◆ **Dataset excerpts**:
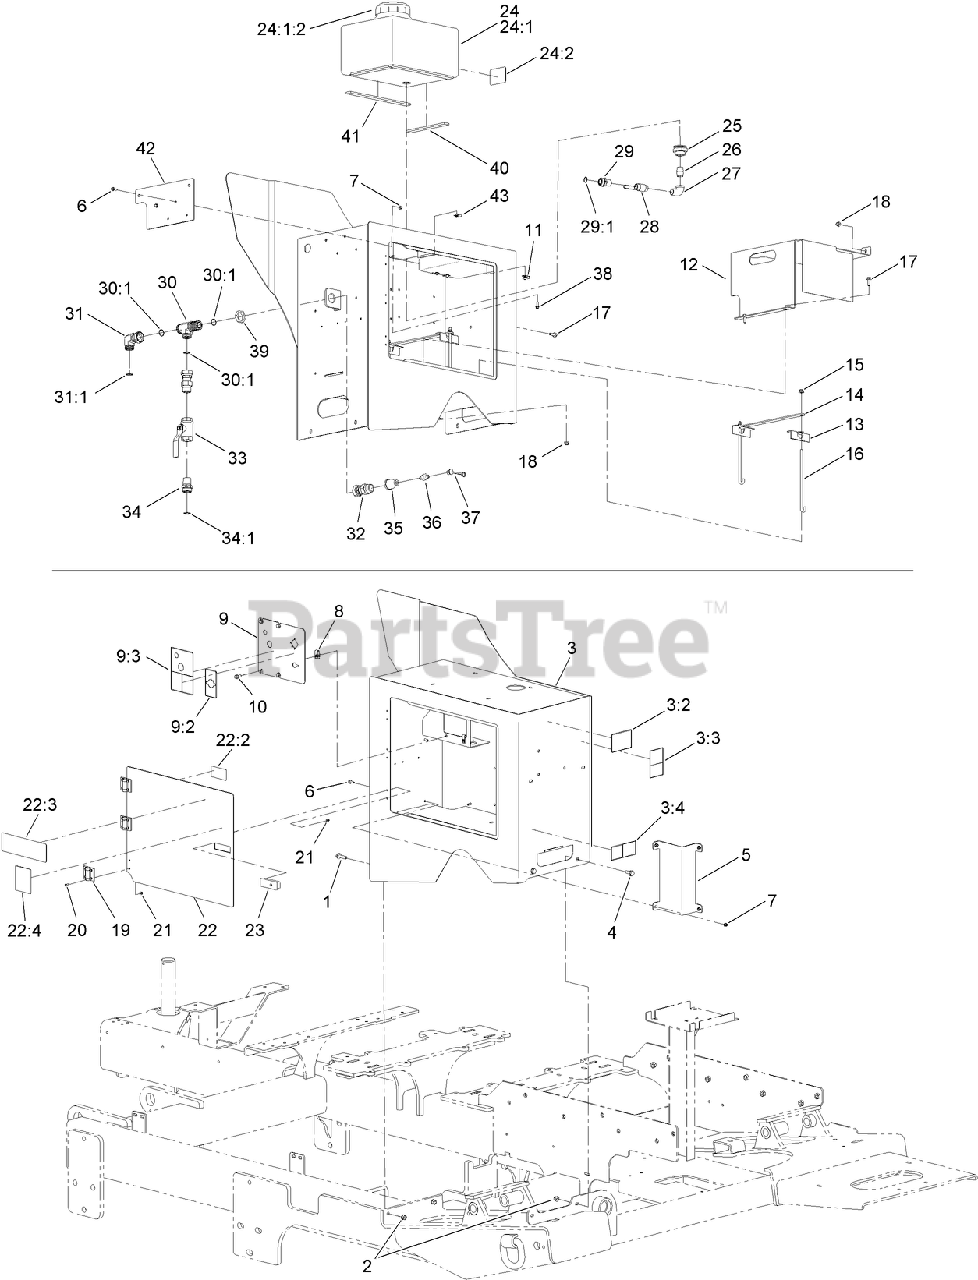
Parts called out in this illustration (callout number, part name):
1	SCREW-HHF
2	NUT-LOCK, NI
3	CONTROL BOX ASM
3:2	DECAL-RAISE AND LOWER
3:3	DECAL-DANGER, BACK UP
3:4	DECAL-WARNING, HYDRAULIC PRESSURE
4	SCREW-HHF
5	PLATE-CORNER, CONSOLE
6	SCREW-HHF
7	NUT-FLANGE, NI
9	CONTROL PLATE ASM
9:2	DECAL-DISCONNECT, BATTERY
9:3	DECAL-REAR CONTROLS OVERLAY
10	SCREW-HHF
12	PLATE-COVER
13	ANGLE-HOLDDOWN, BATTERY
14	PLATE-Battery Hold Down
15	NUT-HF, NI
16	BOLT-HOLDDOWN, BATTERY
17	SCREW-HHF
18	NUT-LOCK, HHF
21	NUT-HF
22	DOOR ASM
22:2	DECAL-WARNING, BATTERY
22:3	DECAL-SAFETY
22:4	DECAL-DANGER, NO RIDERS (REAR)
23	LATCH-TRIGGER, RAISED (W/LOCK)
24	ANTIFREEZE TANK ASM
24:1	TANK
24:1:2	LID-TANK
24:2	DECAL-ANTIFREEZE
25	FITTING-TANK, BULKHEAD (PLASTIC)
26	NIPPLE-STRAIGHT
27	ELBOW-STREET, 90 DEG
28	VALVE-BALL
29	FITTING-STRAIGHT
29:1	O-RING
30	FITTING-TEE, BULKHEAD
30:1	O-RING
31	FITTING-SWIVEL, 90 DEG
31:1	O-RING
32	FITTING-STRAIGHT
33	VALVE-BALL
34	FITTING-STRAIGHT
34:1	O-RING
35	FITTING-REDUCER
36	NIPPLE-CONNECT, QUICK
37	CAP-DUST, PLASTIC
38	SCREW-HHF
39	NUT-BULKHEAD
40	STRIP-SEAL
41	STRIP-SEAL
42	PLATE-LOCKOUT, CYLINDER

◆ **REQUIRED ACTION**: Quote every record above exactly, leaving out the pictures.

◆ **RESULT OF THE TASK**:
Parts called out in this illustration (callout number, part name):
1	SCREW-HHF
2	NUT-LOCK, NI
3	CONTROL BOX ASM
3:2	DECAL-RAISE AND LOWER
3:3	DECAL-DANGER, BACK UP
3:4	DECAL-WARNING, HYDRAULIC PRESSURE
4	SCREW-HHF
5	PLATE-CORNER, CONSOLE
6	SCREW-HHF
7	NUT-FLANGE, NI
9	CONTROL PLATE ASM
9:2	DECAL-DISCONNECT, BATTERY
9:3	DECAL-REAR CONTROLS OVERLAY
10	SCREW-HHF
12	PLATE-COVER
13	ANGLE-HOLDDOWN, BATTERY
14	PLATE-Battery Hold Down
15	NUT-HF, NI
16	BOLT-HOLDDOWN, BATTERY
17	SCREW-HHF
18	NUT-LOCK, HHF
21	NUT-HF
22	DOOR ASM
22:2	DECAL-WARNING, BATTERY
22:3	DECAL-SAFETY
22:4	DECAL-DANGER, NO RIDERS (REAR)
23	LATCH-TRIGGER, RAISED (W/LOCK)
24	ANTIFREEZE TANK ASM
24:1	TANK
24:1:2	LID-TANK
24:2	DECAL-ANTIFREEZE
25	FITTING-TANK, BULKHEAD (PLASTIC)
26	NIPPLE-STRAIGHT
27	ELBOW-STREET, 90 DEG
28	VALVE-BALL
29	FITTING-STRAIGHT
29:1	O-RING
30	FITTING-TEE, BULKHEAD
30:1	O-RING
31	FITTING-SWIVEL, 90 DEG
31:1	O-RING
32	FITTING-STRAIGHT
33	VALVE-BALL
34	FITTING-STRAIGHT
34:1	O-RING
35	FITTING-REDUCER
36	NIPPLE-CONNECT, QUICK
37	CAP-DUST, PLASTIC
38	SCREW-HHF
39	NUT-BULKHEAD
40	STRIP-SEAL
41	STRIP-SEAL
42	PLATE-LOCKOUT, CYLINDER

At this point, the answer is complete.